Northern populations of snowshoe hares undergo cycles that range from seven to 17 years between population peaks. The average time between peaks is approximately 10 years. The period of abundance usually lasts for two to five years, followed by a population decline to lower numbers or local scarcity. Areas of great abundance tend to be scattered. Populations do not peak simultaneously in all areas, although a great deal of synchronicity occurs in northern latitudes. From 1931 to 1948, the cycle was synchronized within one or two years over most of Canada and Alaska, despite differences in predators and food supplies. In central Alberta, low snowshoe hare density occurred in 1965, with 42 to 74 snowshoe hares per 100 acres (40 ha). The population peak occurred in November 1970 with 2,830 to 5,660 snowshoe hares per 100 acres (40 ha). In the southern parts of its range, snowshoe hare populations do not fluctuate radically.

Exclosure experiments in Alberta indicated browsing by snowshoe hares during population peaks has the greatest impact on palatable species, thus further reducing the amount of available foods. In this study, insufficient nutritious young browse was available to sustain the number of snowshoe hares present in the peak years (1971 and 1972) in winter.

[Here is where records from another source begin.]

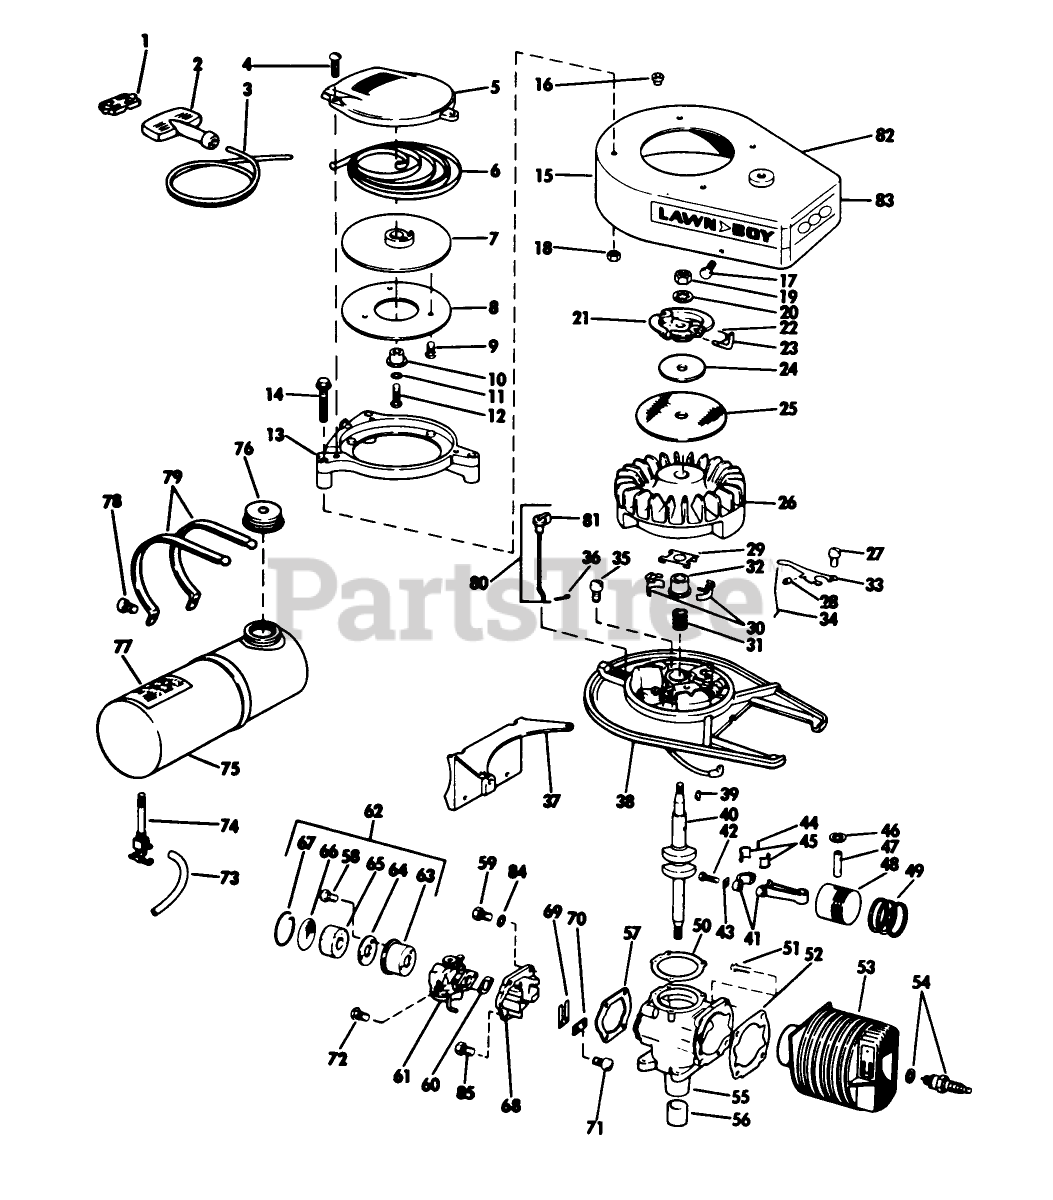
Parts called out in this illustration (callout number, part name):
6	RECOIL SPRING
17	SCREW S
23	Pin-Starter
28	WEAR BLOCK S
29	COLLAR S
33	GOVERNER LEVER AY
34	GOVERNOR ROD S
35	SCREW S
36	Cotter Pin
45	LINER ASM
46	RING-RETAINING
50	GASKET S
52	GASKET S
59	SCREW S
60	GASKET S
64	BACK-UP PLATE
65	ELEMENT
70	PLATE-BACKUP, REED
74	VALVE&SCREEN SM
80	Cotter Pin
81	KNOB, CHOKE BAR
85	SCREW S

The hare's fluctuating numbers are modelled by the Lotka–Volterra equations.

== Vulnerability to climate change ==
The habitat for some snowshoe hares has changed dramatically, leaving some habitats without snow for longer periods than previously. As an adaptation to decreased snow cover, many snowshoe hares in these habitats stay brown all winter. Others, however, continue to turn white in winter. White hares in snowless habitats are at an increased risk of being hunted and killed because they are no longer camouflaged. Many people in the scientific community believe that snowshoe hare populations are at risk of crashing unless interbreeding speeds up the process of evolution to year-round brown. Other species who rely on the hare as part of their diet are also at risk.